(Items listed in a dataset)
>>>

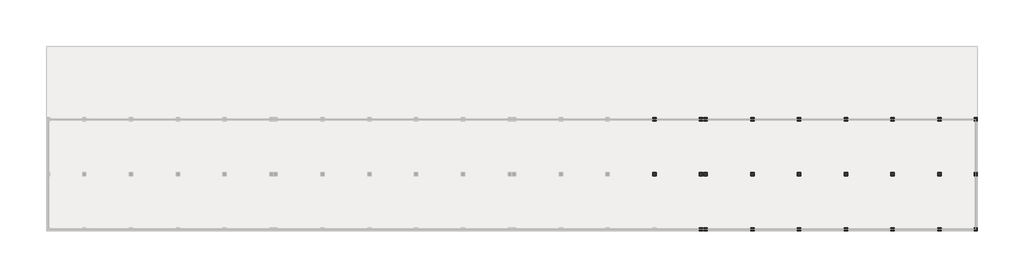
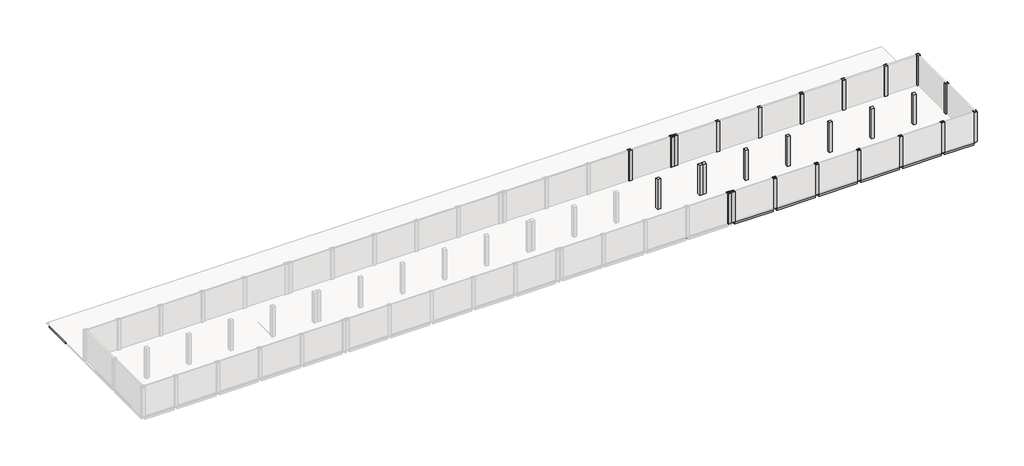
# One storey, part 3 of 4: 52 beams, 26 columns.
"""IFC4 building model written with IfcOpenShell, lengths in millimetres."""

import ifcopenshell
import ifcopenshell.guid

model = None  # the IFC model being written
_history = None  # IfcOwnerHistory: only IFC2X3 demands one
_inside = {}  # id of a spatial element -> (the spatial element, [elements in it])
_under = {}  # id of a project, library or spatial element -> (it, [spatial elements below it])
_declared = {}  # id of a project -> (the project, [libraries it declares])
_typed = {}  # id of a type object -> (the type object, [elements of that type])
_made_of = {}  # id of a material, layer set ... -> (it, [elements and type objects made of it])


def new_model(schema):
    """Start an empty IFC model of exactly this schema.

    Asked for "IFC4X3", IfcOpenShell would pick the latest addendum, in which some entities
    have other attributes; the version numbers below select the first issue.
    IFC2X3 requires an IfcOwnerHistory on every rooted entity: one is made here for all.
    """
    global model, _history
    if schema == "IFC4X3":
        model = ifcopenshell.file(schema_version=(4, 3, 0, 0))
    else:
        model = ifcopenshell.file(schema=schema)
    _inside.clear()
    _under.clear()
    _declared.clear()
    _typed.clear()
    _made_of.clear()
    _history = None
    if model.schema == "IFC2X3":
        org = make("IfcOrganization", Name="unknown")
        user = make(
            "IfcPersonAndOrganization",
            ThePerson=make("IfcPerson", FamilyName="unknown"),
            TheOrganization=org,
        )
        app = make(
            "IfcApplication",
            ApplicationDeveloper=org,
            Version="unknown",
            ApplicationFullName="unknown",
            ApplicationIdentifier="unknown",
        )
        _history = make(
            "IfcOwnerHistory",
            OwningUser=user,
            OwningApplication=app,
            ChangeAction="ADDED",
            CreationDate=0,
        )
    return model


def make(cls, **values):
    """One entity of the class cls with the attributes given. An attribute that is None is left unset."""
    return model.create_entity(
        cls, **{name: value for name, value in values.items() if value is not None}
    )


def rooted(cls, **values):
    """An entity with a GlobalId (a new one), such as an element, a storey or a relation."""
    return make(cls, GlobalId=ifcopenshell.guid.new(), OwnerHistory=_history, **values)


def si_unit(unit_type, name, prefix=None):
    """IfcSIUnit, for example si_unit("LENGTHUNIT", "METRE", prefix="MILLI")."""
    return make("IfcSIUnit", UnitType=unit_type, Prefix=prefix, Name=name)


def assignment(units):
    """IfcUnitAssignment: the units of a project."""
    return None if units is None else make("IfcUnitAssignment", Units=units)


def point(xyz):
    """IfcCartesianPoint."""
    return None if xyz is None else make("IfcCartesianPoint", Coordinates=xyz)


def direction(xyz):
    """IfcDirection."""
    return None if xyz is None else make("IfcDirection", DirectionRatios=xyz)


def frame(location, z_axis=None, x_axis=None):
    """IfcAxis2Placement3D, a coordinate frame: its origin and axes. An axis left out is left unset."""
    return make(
        "IfcAxis2Placement3D",
        Location=point(location),
        Axis=direction(z_axis),
        RefDirection=direction(x_axis),
    )


def origin():
    """The frame at (0, 0, 0) with its axes left unset."""
    return frame((0.0, 0.0, 0.0))


def place(relative_to, where):
    """IfcLocalPlacement: puts the frame where relative to a parent placement (None: the world)."""
    return make(
        "IfcLocalPlacement", PlacementRelTo=relative_to, RelativePlacement=where
    )


def context(
    kind, dimensions, precision=None, world=None, true_north=None, identifier=None
):
    """IfcGeometricRepresentationContext, for example the 3D "Model" context."""
    return make(
        "IfcGeometricRepresentationContext",
        ContextIdentifier=identifier,
        ContextType=kind,
        CoordinateSpaceDimension=dimensions,
        Precision=precision,
        WorldCoordinateSystem=world,
        TrueNorth=true_north,
    )


def project(units=None, contexts=None):
    """IfcProject with its units and contexts."""
    return rooted(
        "IfcProject",
        Name="project",
        RepresentationContexts=contexts,
        UnitsInContext=assignment(units),
    )


def spatial(cls, under=None, at=None, **own):
    """A site, building, storey or space (cls), placed at a placement, below another one or the project."""
    s = rooted(cls, ObjectPlacement=at, **own)
    if under is not None:
        _under.setdefault(under.id(), (under, []))[1].append(s)
    return s


def polyline(points):
    """IfcPolyline through the points."""
    return make("IfcPolyline", Points=[point(p) for p in points])


def outline(outer, holes=None, kind="AREA"):
    """IfcArbitraryClosedProfileDef: a profile drawn as a closed curve; with holes, ...WithVoids."""
    if holes is None:
        return make("IfcArbitraryClosedProfileDef", ProfileType=kind, OuterCurve=outer)
    return make(
        "IfcArbitraryProfileDefWithVoids",
        ProfileType=kind,
        OuterCurve=outer,
        InnerCurves=holes,
    )


def extrude(swept, where, along, depth):
    """IfcExtrudedAreaSolid: the profile swept, set in the frame where, extruded along a direction by depth."""
    return make(
        "IfcExtrudedAreaSolid",
        SweptArea=swept,
        Position=where,
        ExtrudedDirection=direction(along),
        Depth=depth,
    )


def shape(context_of_items, identifier, shape_type, items):
    """IfcShapeRepresentation: the items that make up one representation, for example the "Body"."""
    return make(
        "IfcShapeRepresentation",
        ContextOfItems=context_of_items,
        RepresentationIdentifier=identifier,
        RepresentationType=shape_type,
        Items=items,
    )


def made_of(thing, what):
    """Note that an element or type object is made of a material, layer set ...; save() writes the relation."""
    if what is not None:
        _made_of.setdefault(what.id(), (what, []))[1].append(thing)
    return thing


def element(
    cls,
    number,
    at=None,
    inside=None,
    cuts=None,
    type_object=None,
    material=None,
    context=None,
    identifier="Body",
    shape_type=None,
    held_by="IfcProductDefinitionShape",
    body=None,
    shapes=None,
    **own,
):
    """One element of the class cls, such as IfcWall. Its Tag is "e" and its number.

    at: its placement. inside: the storey or other place that contains it. cuts: it is an
    opening in that element (IfcRelVoidsElement). A single representation is given by context,
    identifier, shape_type and body (its items); several are given by shapes. held_by: the class
    of the entity that holds the representations. save() writes the other relations.
    """
    e = rooted(cls, Tag="e%d" % number, ObjectPlacement=at, **own)
    if body is not None:
        shapes = [shape(context, identifier, shape_type, body)]
    if shapes is not None:
        e.Representation = make(held_by, Representations=shapes)
    if inside is not None:
        _inside.setdefault(inside.id(), (inside, []))[1].append(e)
    if cuts is not None:
        rooted(
            "IfcRelVoidsElement", RelatingBuildingElement=cuts, RelatedOpeningElement=e
        )
    if type_object is not None:
        _typed.setdefault(type_object.id(), (type_object, []))[1].append(e)
    return made_of(e, material)


def aggregate(whole, parts):
    """IfcRelAggregates: a whole, such as a stair, and the parts it consists of."""
    return rooted("IfcRelAggregates", RelatingObject=whole, RelatedObjects=parts)


def save(model, path):
    """Write the relations noted so far, then the file.

    IfcRelAggregates (storeys below a building ...), IfcRelContainedInSpatialStructure (elements
    in a storey), IfcRelDefinesByType, IfcRelAssociatesMaterial and IfcRelDeclares: one each for
    every whole, place, type object, material and project.
    """
    for whole, parts in _under.values():
        aggregate(whole, parts)
    for where, things in _inside.values():
        rooted(
            "IfcRelContainedInSpatialStructure",
            RelatedElements=things,
            RelatingStructure=where,
        )
    for kind, things in _typed.values():
        rooted("IfcRelDefinesByType", RelatedObjects=things, RelatingType=kind)
    for what, things in _made_of.values():
        rooted("IfcRelAssociatesMaterial", RelatedObjects=things, RelatingMaterial=what)
    for by, libraries in _declared.values():
        rooted("IfcRelDeclares", RelatingContext=by, RelatedDefinitions=libraries)
    model.write(path)


model = new_model("IFC4")

# Units and contexts
model_context = context("Model", 3, world=origin())
ifc_project = project(units=[si_unit("LENGTHUNIT", "METRE", prefix="MILLI")], contexts=[model_context])

# Site, building, storey
site = spatial("IfcSite", under=ifc_project)
building = spatial("IfcBuilding", under=site)
storey = spatial("IfcBuildingStorey", under=building, Name="03_T.O.C_1", Elevation=6949.9618634)

# Beams
placement = place(None, origin())
element("IfcBeam", 1, ObjectType="RC Beam_Rectangular : H_SB_AR_S16_B300xH600", at=placement, inside=storey, context=model_context, shape_type="SweptSolid", body=[
    extrude(outline(polyline([(93930.0, -6150.4791411), (93930.0, -5850.4791411), (101530.0, -5850.4791411), (101530.0, -6150.4791411), (93930.0, -6150.4791411)])), frame((0.0, 0.0, 6349.9618634), z_axis=(0.0, 0.0, 1.0), x_axis=(1.0, 0.0, 0.0)), (0.0, 0.0, 1.0), 499.0),
])
element("IfcBeam", 2, ObjectType="RC Beam_Rectangular : H_SB_AR_S16_B300xH600", at=placement, inside=storey, context=model_context, shape_type="SweptSolid", body=[
    extrude(outline(polyline([(102130.0, -6150.4791411), (102130.0, -5850.4791411), (109730.0, -5850.4791411), (109730.0, -6150.4791411), (102130.0, -6150.4791411)])), frame((0.0, 0.0, 6349.9618634), z_axis=(0.0, 0.0, 1.0), x_axis=(1.0, 0.0, 0.0)), (0.0, 0.0, 1.0), 499.0),
])
element("IfcBeam", 3, ObjectType="RC Beam_Rectangular : H_SB_AR_S16_B300xH600", at=placement, inside=storey, context=model_context, shape_type="SweptSolid", body=[
    extrude(outline(polyline([(110330.0, -6150.4791411), (110330.0, -5850.4791411), (110480.0, -5850.4791411), (110480.0, -6150.4791411), (110330.0, -6150.4791411)])), frame((0.0, 0.0, 6349.9618634), z_axis=(0.0, 0.0, 1.0), x_axis=(1.0, 0.0, 0.0)), (0.0, 0.0, 1.0), 499.0),
])
element("IfcBeam", 4, ObjectType="RC Beam_Rectangular : H_SB_AR_S16_B300xH600", at=placement, inside=storey, context=model_context, shape_type="SweptSolid", body=[
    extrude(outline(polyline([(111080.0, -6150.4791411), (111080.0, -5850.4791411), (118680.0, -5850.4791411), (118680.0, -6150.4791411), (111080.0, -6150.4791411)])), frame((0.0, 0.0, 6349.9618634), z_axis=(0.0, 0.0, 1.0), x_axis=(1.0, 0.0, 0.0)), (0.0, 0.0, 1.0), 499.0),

<<<

Go through the data and gather every line that holds "rooted".

    IFC2X3 requires an IfcOwnerHistory on every rooted entity: one is made here for all.
def rooted(cls, **values):
    return rooted(
    s = rooted(cls, ObjectPlacement=at, **own)
    e = rooted(cls, Tag="e%d" % number, ObjectPlacement=at, **own)
        rooted(
    return rooted("IfcRelAggregates", RelatingObject=whole, RelatedObjects=parts)
        rooted(
        rooted("IfcRelDefinesByType", RelatedObjects=things, RelatingType=kind)
        rooted("IfcRelAssociatesMaterial", RelatedObjects=things, RelatingMaterial=what)
        rooted("IfcRelDeclares", RelatingContext=by, RelatedDefinitions=libraries)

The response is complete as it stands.